Tattoos have been applied to human skin since prehistory as rights of passage, indications of group membership, aesthetic enhancements, sequelae of trauma, components of medical procedures, and even as penalties. Presumably, the desire to remove them has existed for just as long. Early tattoo removal methods included cryotherapy, surgical excision, and skin resurfacing techniques, such as dermabrasion or chemical peeling. Cryotherapy and resection of the tattooed skin tend to leave residual textural changes or surgical scars and may not be feasible for large tattoos. On the other hand, skin resurfacing only reaches down to the papillary dermis, which may be effective for removing amateur tattoos but is unlikely to affect deeper, professional tattoos.

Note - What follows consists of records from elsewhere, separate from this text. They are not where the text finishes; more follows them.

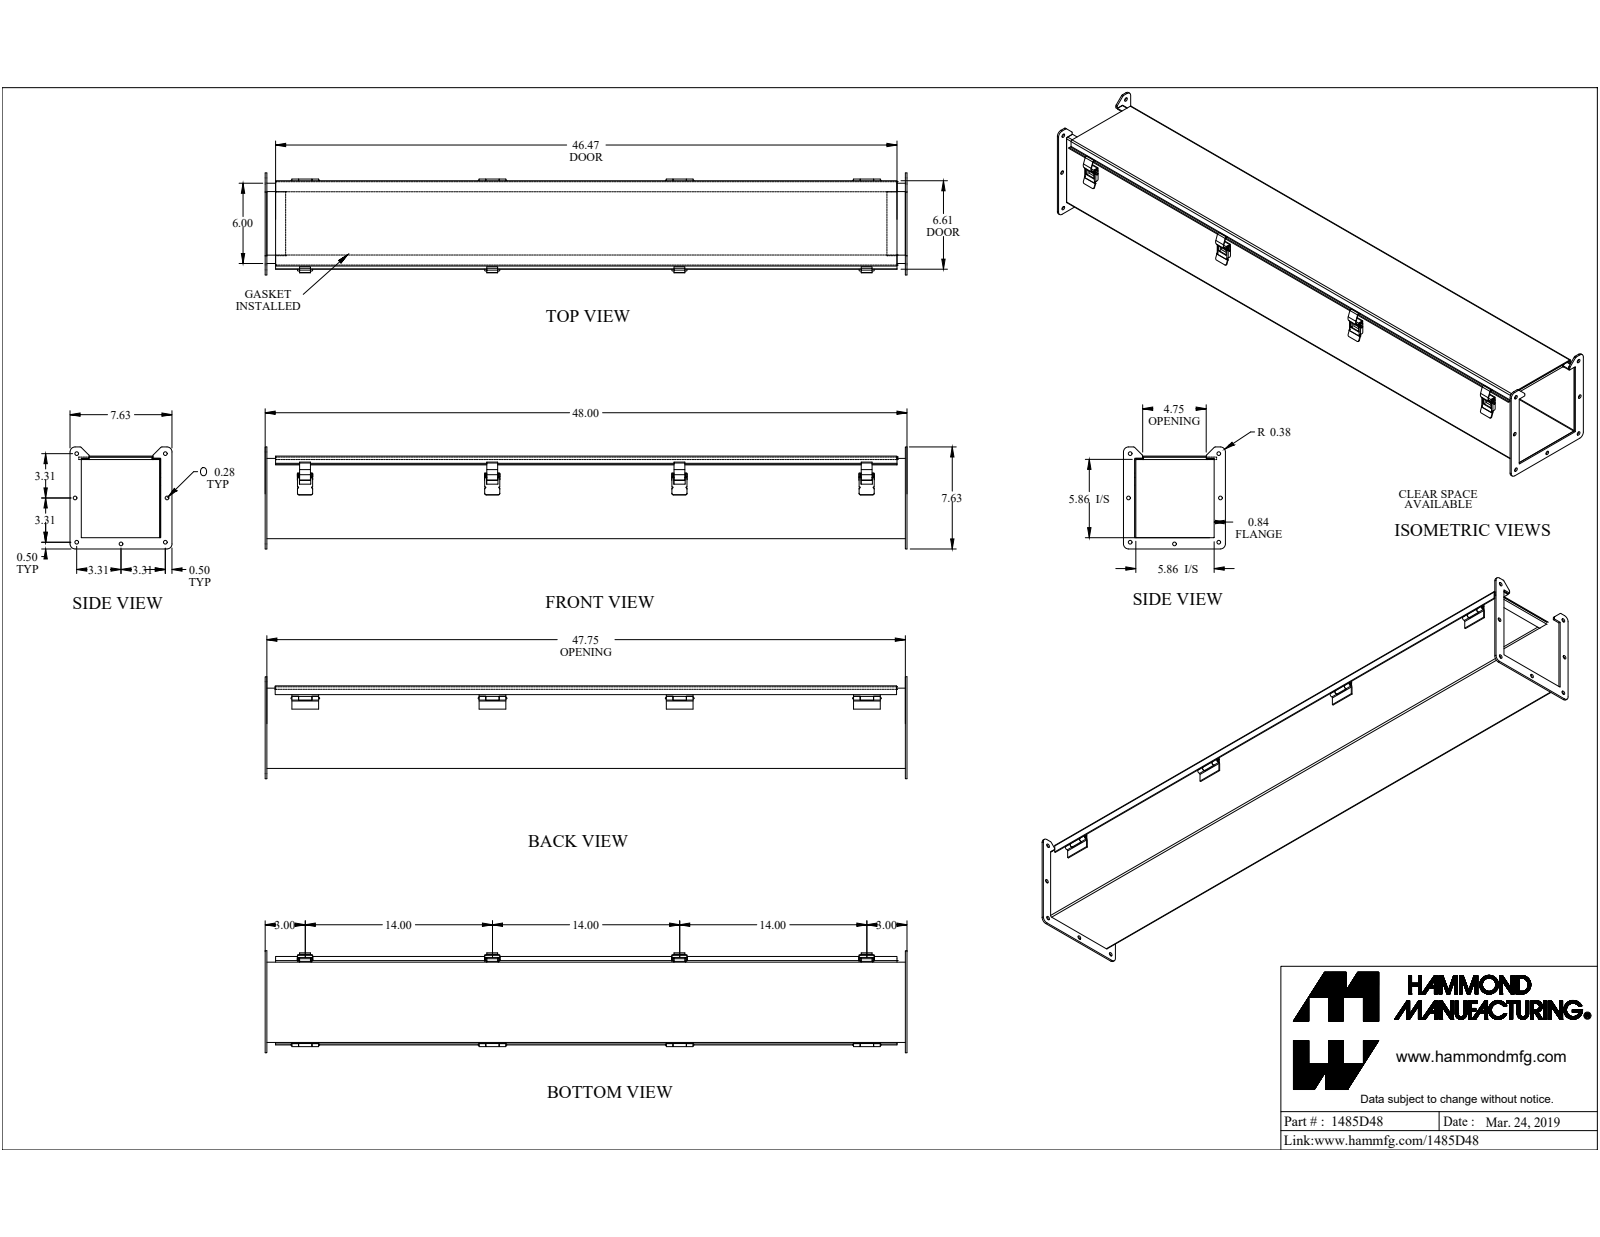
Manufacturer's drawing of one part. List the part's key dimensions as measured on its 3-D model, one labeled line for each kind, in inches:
Part name (STEP PRODUCT): 1485D48
STEP written by: SolidWorks 2019 (CONFIG_CONTROL_DESIGN)
Units: inches
Bodies: 32 solids, 706 faces (418 planar, 280 cylindrical, 8 other)
Overall size (bounding box): 48 × 7.625 × 7.625
Volume: 111.6 in³ · Surface area: 2 889 in²
Round holes (diameter × count): ⌀0.281 ×7, ⌀0.125 ×1, ⌀0.13 ×1, ⌀0.164 ×1
Round bosses / shafts (diameter × count): ⌀0.187 ×2, ⌀0.275 ×1, ⌀0.156 ×1, ⌀0.125 ×1, ⌀0.125 ×1
Partial cylindrical surfaces — rounded edges, fillets, slot ends (radius × count): R0.016 ×25, R0.125 ×13, R0.035 ×9, R0.039 ×9, R0.076 ×9, R0.015 ×8, R0.029 ×8, R0.086 ×8
Main face-to-face distances: 0.072, 5.928, 6.1, 6, 5.856, 6.028, 6.172, 0.172, 5.913, 5.841
Hole centre spacings: 7.519, 6.625, 3.315, 3.315, 9.369, 0.285, 1.112, 1.459
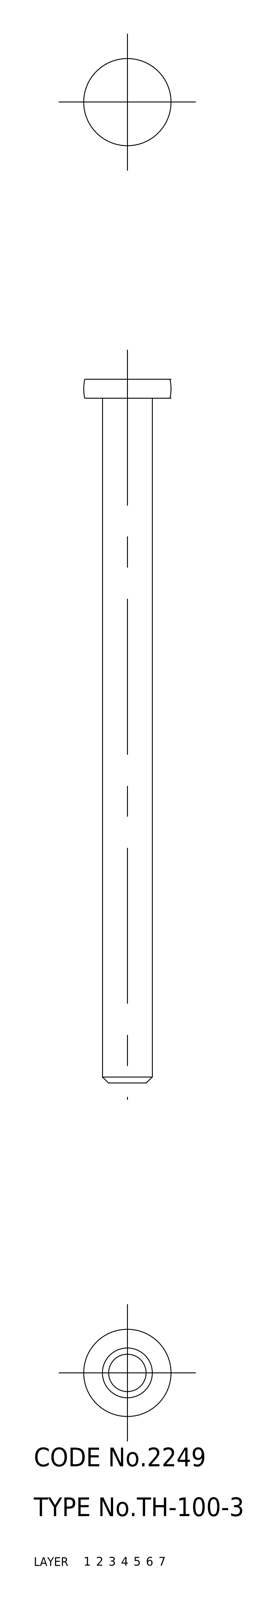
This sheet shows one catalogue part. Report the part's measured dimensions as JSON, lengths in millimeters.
{"part_name": "shaft", "step_written_by": "CADfix (AUTOMOTIVE_DESIGN)", "units": "millimeters", "bodies": {"solids": 1, "faces": 8, "planar": 0, "cylindrical": 0, "other": 8}, "overall_size": [113, 14, 14], "volume_mm3": 5984, "surface_area_mm2": 3176}
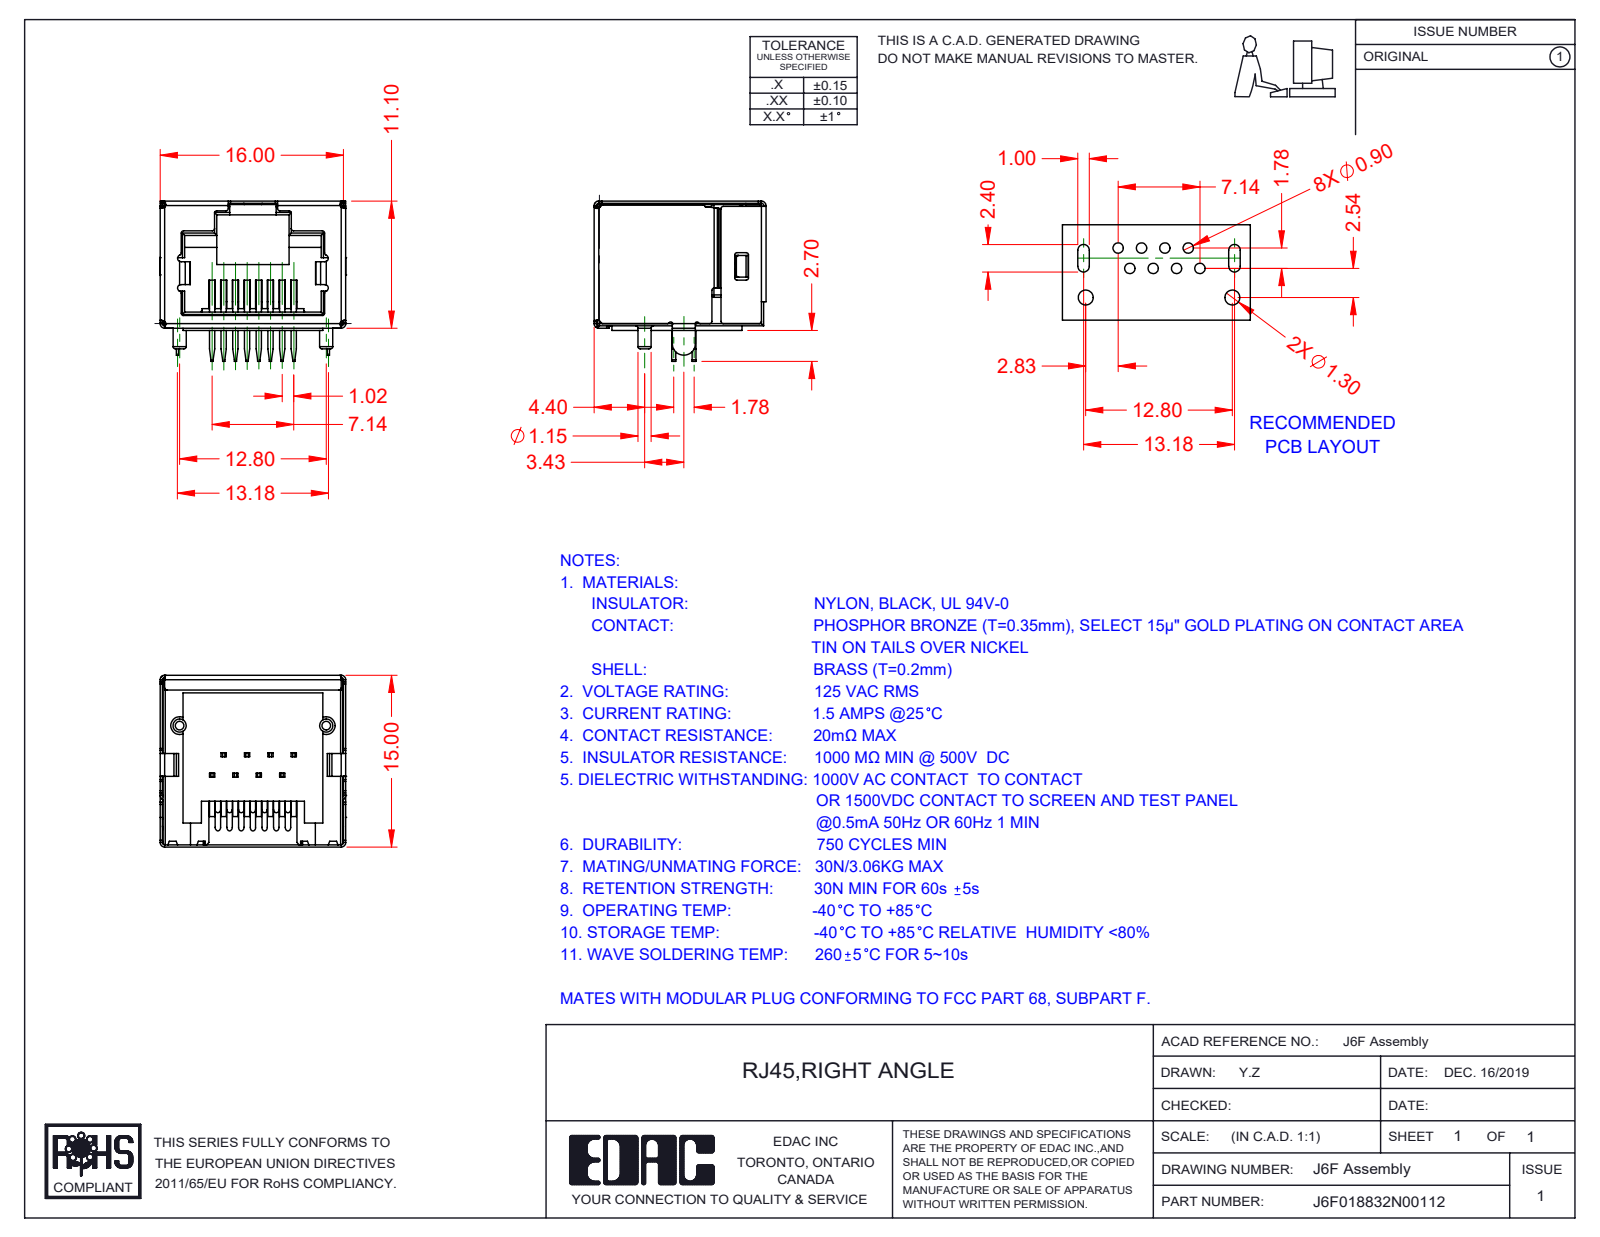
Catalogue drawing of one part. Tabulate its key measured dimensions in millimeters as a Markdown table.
| quantity | value |
| --- | --- |
| part name | J6F018832N00112; 6F Shield; 6F Contacts; 6F Insulator |
| STEP written by | SolidWorks 2016 (CONFIG_CONTROL_DESIGN) |
| units | millimeters |
| bodies | 10 solids, 960 faces (695 planar, 223 cylindrical, 42 other) |
| overall size | 16.2 × 15 × 14 |
| volume | 1 336 mm³ |
| surface area | 3 711 mm² |
| round bosses / shafts (diameter × count) | 1.15 × 2 |
| partial cylindrical surfaces (radius × count) | 0.2 × 77, 0.4 × 24, 0.3 × 20, 0.5 × 9, 0.23 × 7, 0.15 × 5, 0.1 × 4, 1 × 3 |
| main face-to-face distances | 15.75, 16, 15.95, 11, 15.7, 9.7, 11.1, 16.2, 15.8, 1.2 |
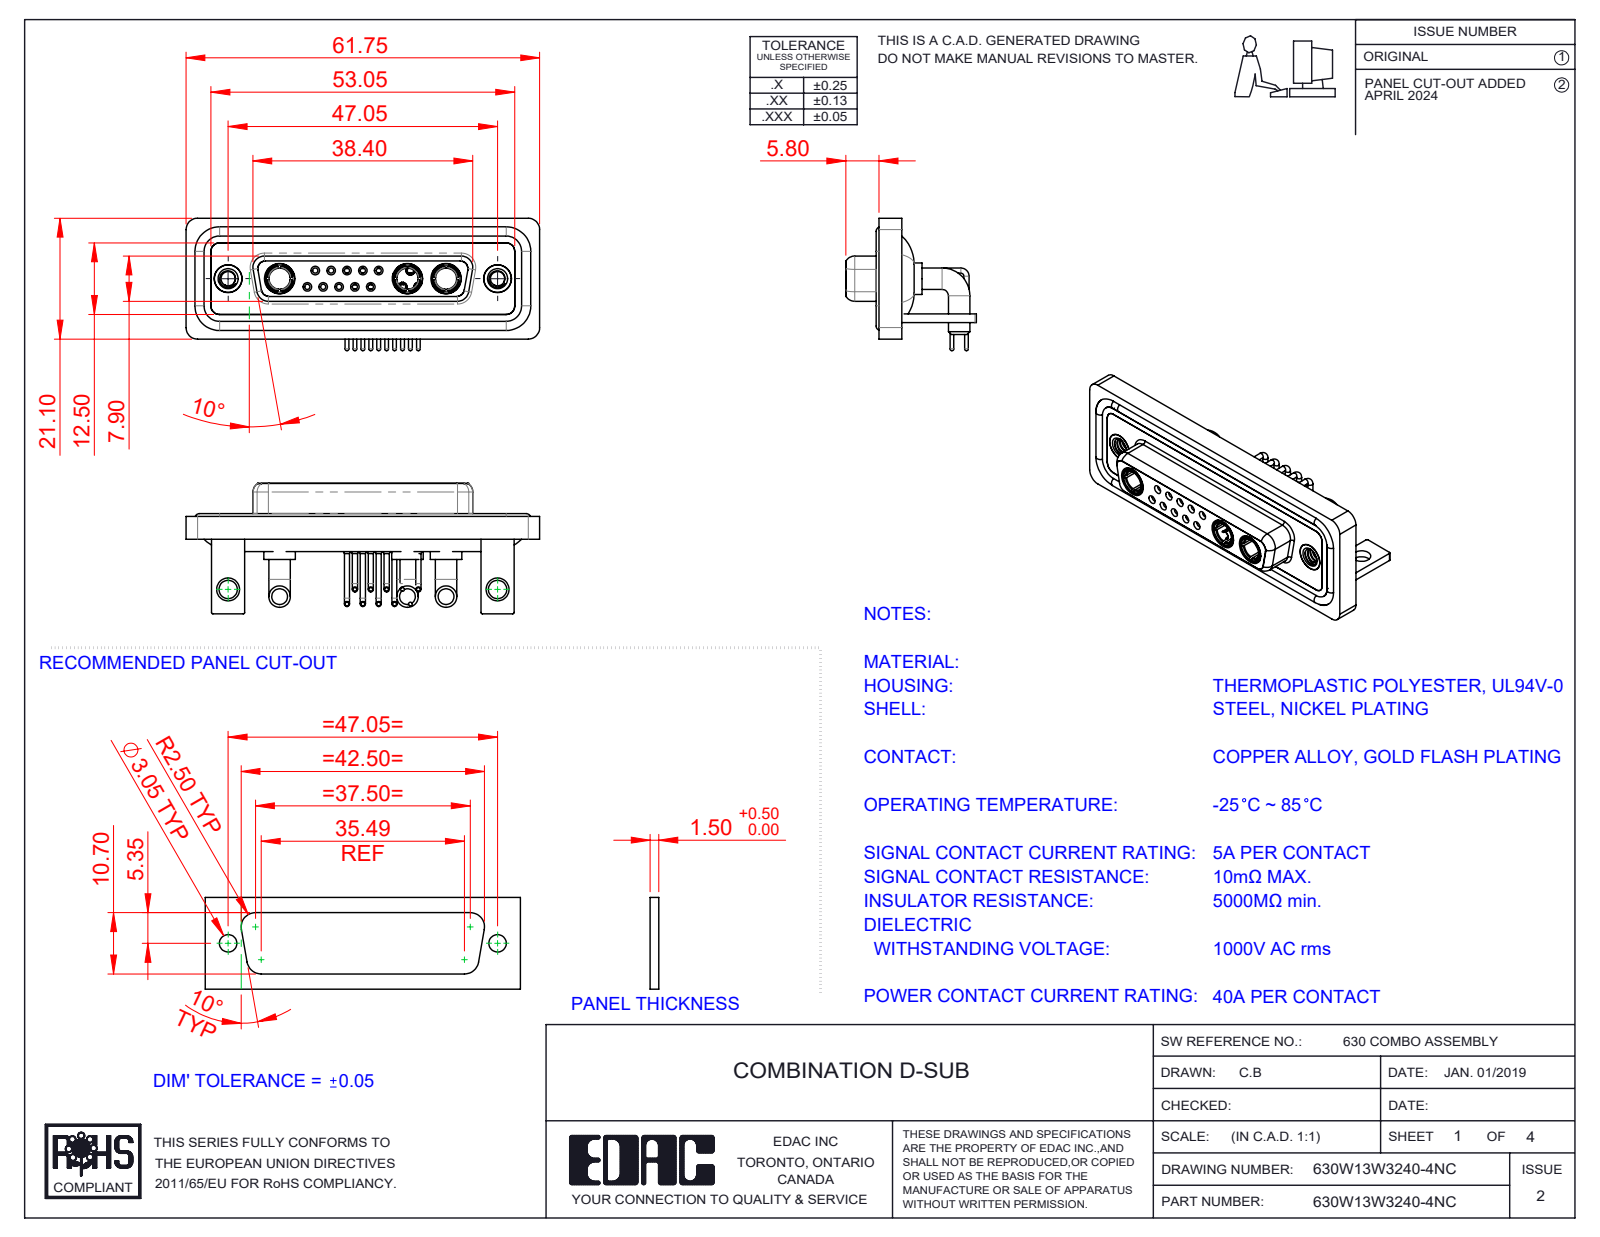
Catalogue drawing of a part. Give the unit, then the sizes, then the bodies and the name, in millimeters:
Units: millimetres
Overall size (bounding box): 61.75 × 23.12 × 22.8
Round holes (diameter × count): ⌀0.9 ×10, ⌀1.1 ×10, ⌀1.5 ×10, ⌀2 ×10, ⌀1.6 ×5, ⌀1.7 ×5, ⌀4.85 ×5, ⌀3.7 ×3, ⌀5.3 ×3, ⌀2.5 ×2, ⌀3.2 ×2, ⌀4 ×2
Round bosses / shafts (diameter × count): ⌀0.9 ×15, ⌀1.6 ×12, ⌀0.65 ×10, ⌀3.75 ×6, ⌀2 ×5, ⌀1.5 ×5, ⌀5.5 ×3, ⌀5.2 ×3
Partial cylindrical surfaces — rounded edges, fillets, slot ends (radius × count): R2 ×19, R1.5 ×18, R0.25 ×16, R1.35 ×8, R1.6 ×8, R0.5 ×5, R0.6 ×4, R0.65 ×4
Main face-to-face distances: 0.4, 1.8, 2.9, 3.7, 1.5, 4.1, 1.1, 1.4, 1.6, 3.1
Hole centre spacings: 3.16, 2.77, 5.54, 5.04, 8.31, 5.03, 7.49, 11.08
Volume: 9 048 mm³ · Surface area: 15 166 mm²
Bodies: 25 solids, 1192 faces (362 planar, 515 cylindrical, 315 other)
Part name (STEP PRODUCT): 630Combo Contact Row 1_50 Contacts; 630W13W3140-4NC; 630Combo Shell Rear_25 Contacts; 630Combo Housing_13W3 (+6 more)
STEP written by: SolidWorks 2023 (CONFIG_CONTROL_DESIGN)

The first device that produced light amplificated by the stimulated emission of radiation (laser) was built at Hughes Research Laboratories in 1960 and used a synthetic ruby as a lasing medium; the first report of a laser used for tattoo removal followed in 1965, using ruby as the lasing medium as well. The advantage of lasers over other modalities of tattoo removal is that lasers can target the pigment in tattoos specifically and thereby minimize damage to the surrounding skin, thus lowering the risk of scarring and dyspigmentation while preserving or enhancing efficacy. Because laser light is, by definition, collimated, coherent, and monochromatic, each wavelength of light produced by a laser will be absorbed primarily by specific target chromophore molecules, resulting in selective photothermolysis.

The keys to successful tattoo removal, therefore, are the selection of the appropriate laser wavelength in the context of the color of the tattoo and the surrounding skin and ensuring that the energy pulses are delivered in such a way as to minimize thermal injury to the surrounding tissue. Early lasers delivered energy pulses with durations in the millisecond range, which had the effect of overheating and damaging the tissue surrounding the chromophore, leading to more inflammation, scarring, and injury to melanocytes that caused subsequent hypo- or hyperpigmentation. These adverse events are more likely to occur when the pulse duration exceeds the thermal relaxation time of the tissue—the time it takes for the tissue to lose 50% of the heat it gains from the laser pulse.

This time may be as brief as 10 ns for tattoo particles, necessitating a very short laser pulse to avoid exceeding the thermal relaxation time. The solution came from so-called quality-switched (QS or Q-switched) lasers, which produce pulse widths in the nanosecond range. These lasers have become a mainstay of tattoo removal because of their ability to remove or lighten pigments of multiple colors while decreasing the incidence of post-treatment burns, scars, and hypo- or hyperpigmentation. Further technological advancements have more recently resulted in the development of picosecond lasers, which can deliver energy in such short pulses that laser beam emission begins and ends before the first photons reach the skin.